With his domestic tasks complete, intrepid traveler Uncle Fred has begun to explore the city and seems to have found his niche at a little cafe over in the Castro where he spends most days nursing a cappuchino and watching the world go by, happily surrounded by like-minded free spirits. As an added bonus, his inner thigh psoriasis is responding beautifully to all that sunshine. And I’m absolutely thrilled to have finally found a use for all those orphaned socks in the laundry basket!
Grandma, too, has found her “peeps” in the wild west. Upon arrival, it was for her the work of minutes to master the bus schedule and make a beeline for Haight-Ashbury, where she’s pretty sure she spent a blissful couple of years back in the Sixties.
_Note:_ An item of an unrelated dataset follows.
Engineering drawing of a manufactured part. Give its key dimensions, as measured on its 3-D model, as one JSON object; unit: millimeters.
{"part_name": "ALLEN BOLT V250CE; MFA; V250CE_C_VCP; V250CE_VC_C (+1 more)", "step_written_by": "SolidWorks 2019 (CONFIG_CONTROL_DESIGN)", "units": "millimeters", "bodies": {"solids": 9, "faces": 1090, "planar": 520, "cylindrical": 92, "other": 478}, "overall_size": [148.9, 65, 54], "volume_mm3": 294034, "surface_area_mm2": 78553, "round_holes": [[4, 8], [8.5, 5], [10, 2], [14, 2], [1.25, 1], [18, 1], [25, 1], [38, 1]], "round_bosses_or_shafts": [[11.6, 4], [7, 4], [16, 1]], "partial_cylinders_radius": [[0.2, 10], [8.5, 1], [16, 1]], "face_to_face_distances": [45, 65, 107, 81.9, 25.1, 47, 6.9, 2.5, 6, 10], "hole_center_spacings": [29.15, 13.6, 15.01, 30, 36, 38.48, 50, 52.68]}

You’d think an octogenarian with a walker might have trouble with the transfers, but the old girl says she’s “found a new spark.” We think the spark is her friend, Mr. M-dot Six, whom she met over at the senior drop-in center. It’s so sweet. Every week they take the Cannibis-Rex senior bus to Big Sur together and spend the afternoon chasing trails and chair dancing to the sweet sounds of yesteryear — bootleg Dead, the Airplane, the Stones. Apparently, Mr. Six has the lyrics to Panama Red tattooed on his back, which makes bus sing-alongs a whooping good time.
Between work and his five-hour round-trip commute each day, Mr. Slattern is busy, too. He’s finding the workers-first spirit of San Francisco a welcome change from the grind of New York’s rigid rules and regulations, and of course the six-hour work day is quite a boon. Between the city-mandated karma breaks and his drive time, he’s made real progress with his Kazakh language tapes. As he says, “With this family, you never know when a trip to a Central Asian non-extradition state may be necessary, and next time I want to know how to order a goddamned whiskey and something other than goat.” He’s such a panic.
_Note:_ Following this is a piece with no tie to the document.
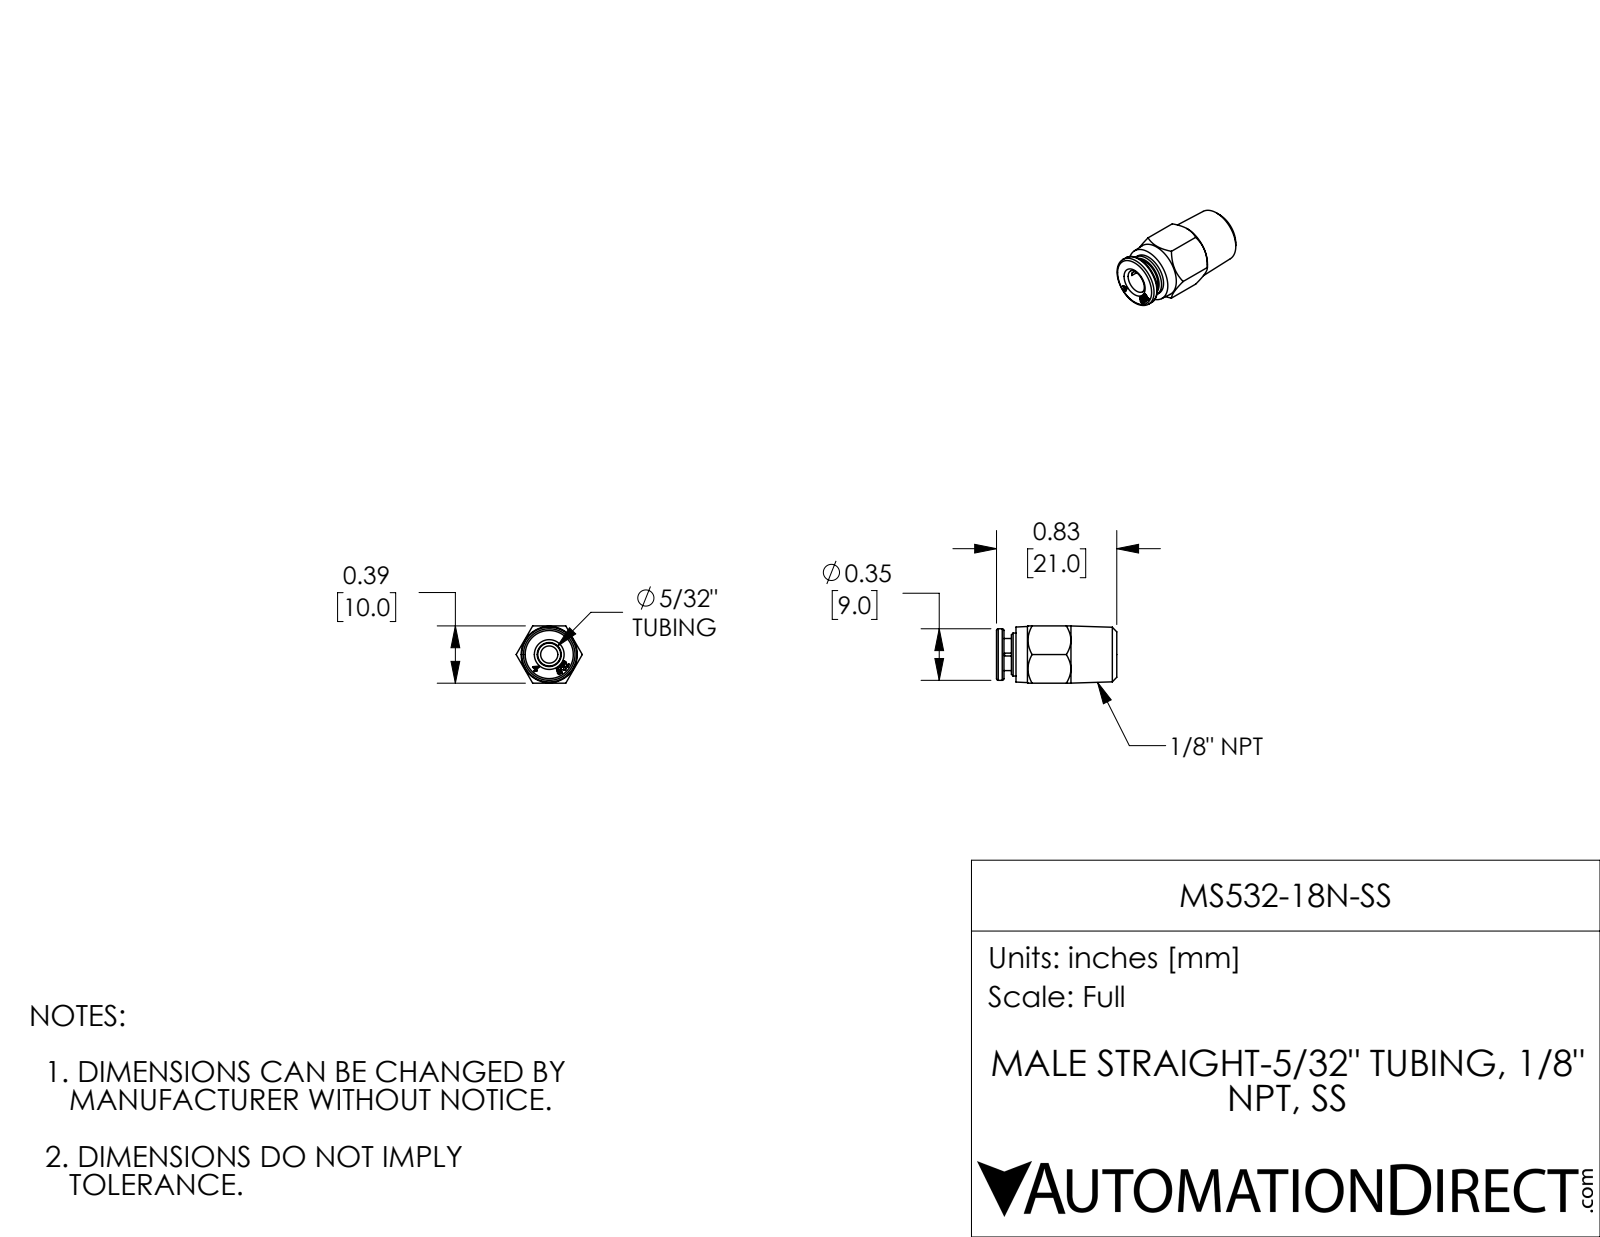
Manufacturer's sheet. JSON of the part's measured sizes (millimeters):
{"part_name": "MS532-18N-SS", "step_written_by": "SolidWorks 2017 (AUTOMOTIVE_DESIGN)", "units": "millimeters", "bodies": {"solids": 1, "faces": 131, "planar": 57, "cylindrical": 10, "other": 64}, "overall_size": [21, 11.6, 10], "volume_mm3": 1300, "surface_area_mm2": 1117, "round_holes": [[3, 1], [4.2, 1]], "round_bosses_or_shafts": [[9, 1], [7.5, 1], [5.6, 1]], "face_to_face_distances": [10, 1.3, 21, 19.7, 17.6, 2.1, 3.4, 0.8, 18.4, 2.6]}

Young Master Slattern seems be settling in despite the upheaval and detentions of the last few years. A real trooper, our boy is following his court-ordered technology ban to the letter, which made it much easier to refute last week’s loose talk and allegations about connections to the DPRK. Now, instead of working on computers, he spends his off-time at the local gym practicing the martial arts, something called UFC. I’m not sure what it is, but he tells us it’s a very spiritual, energy-focused multi-disciplinary sport. We’re just glad he’s found a new
obsession hobby. As an added bonus, his baby-fat love handles and computer-screen slouch are both things of the past. We are told the concussive damage passes quickly and is seldom cumulative, so it’s all good.
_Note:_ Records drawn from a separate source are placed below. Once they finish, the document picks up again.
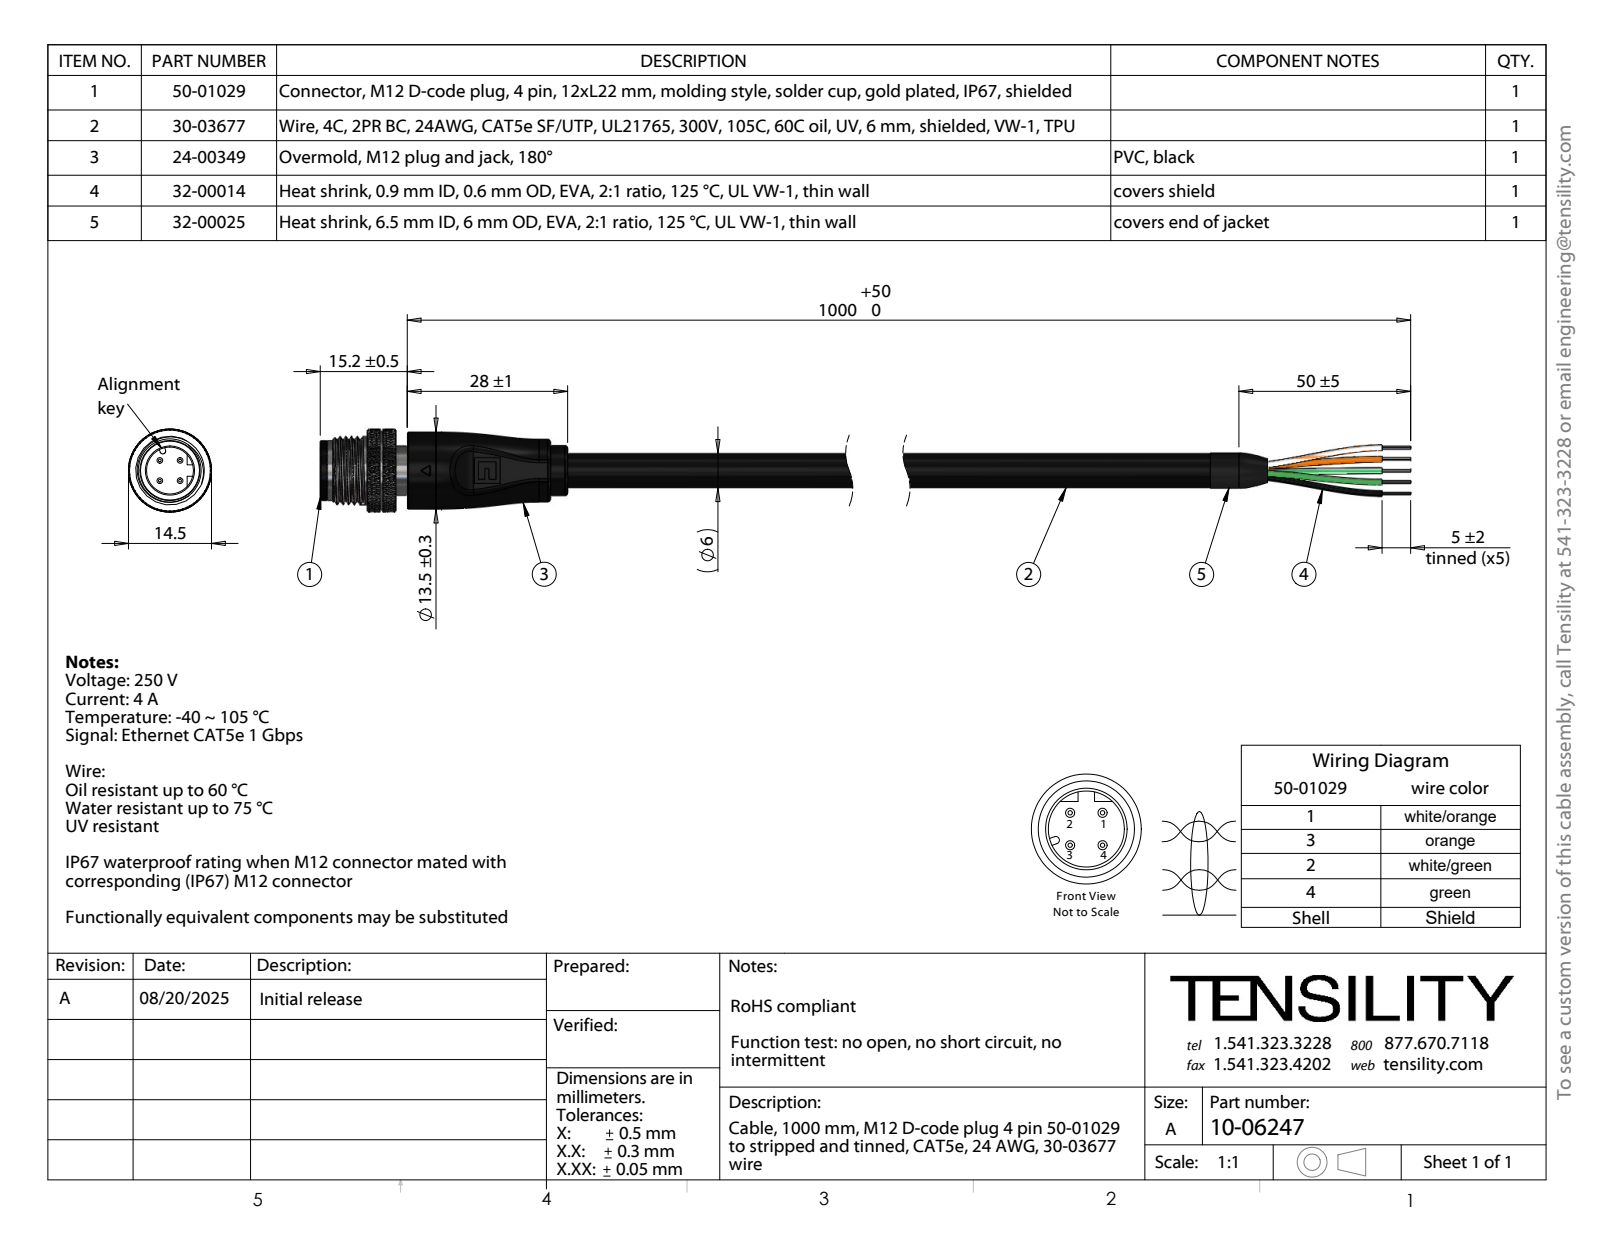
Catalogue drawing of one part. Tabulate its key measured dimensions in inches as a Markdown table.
| quantity | value |
| --- | --- |
| part name | 50-01029_默认; 50-01029-03_默认; 50-01029-04_默认; 30-03677_s + t (+4 more) |
| STEP written by | SolidWorks 2025 (CONFIG_CONTROL_DESIGN) |
| units | inches |
| bodies | 86 solids, 2792 faces (263 planar, 823 cylindrical, 1706 other) |
| overall size | 8.787 × 0.571 × 0.571 |
| volume | 0.567 in³ |
| surface area | 41 in² |
| round holes (diameter × count) | 0.008 × 28, 0.039 × 4, 0.041 × 4, 0.124 × 1, 0.126 × 1, 0.132 × 1, 0.315 × 1, 0.323 × 1, 0.346 × 1, 0.374 × 1 |
| round bosses / shafts (diameter × count) | 0.008 × 35, 0.055 × 4, 0.571 × 1, 0.547 × 1, 0.531 × 1, 0.472 × 1, 0.433 × 1, 0.413 × 1 |
| partial cylindrical surfaces (radius × count) | 0.02 × 2, 0.059 × 2, 0.077 × 2, 0.197 × 1, 0.22 × 1, 0.266 × 1 |
| main face-to-face distances | 7.087, 0.276, 0.079, 7.008, 0.197, 1.102, 1.181, 5.906, 0.425, 0.15 |
| hole center spacings | 0.075, 0.082, 0.042, 0.014, 0.035, 0.043, 0.049, 0.067 |

As you may have heard, our daughter decided to stay in Kazakhstan as Mrs. Nikolai Nikolaiovich, at least until the twins arrive. Last time we spoke, the newlyweds were planning to join us just as soon as the confusion about Nik’s status could be resolved with Homeland Security. Apparently, owing to some business with camels and rocket fuel, his name landed on a watch list, but he is sure it’s all a misunderstanding. What else is new for this family?
As for yours truly, I soldier on. The freeway noise, at first a constant sensory assault not unlike living in a running clothes dryer, has become, for me anyway, more like the sound of waves breaking on the shore, a kind of white noise with diesel fumes. It lulls me to sleep at night, and in the morning the jake brakes and air horns gently rouse me from my Ambien-induced slumber. The doctors out here are lovely and generally agree that my alopecia is most likely stress-induced and temporary. They seem to feel the bald spots on my head will start to fill in on their own as soon as the Lithium kicks in. The good news is, no need for another bout of residential treatment — or ECT — for your favorite slattern!
Once again, we wish all our friends and family (even the ones who no longer speak to us, or accept our calls, or send money) a happy and healthy holiday season. For those of you still in touch, we can best be reached at General Delivery, Daly City Post Office. Or through the Red Cross/Crescent. Happy New Year, everybody!
Greetings Slattern friends and family members!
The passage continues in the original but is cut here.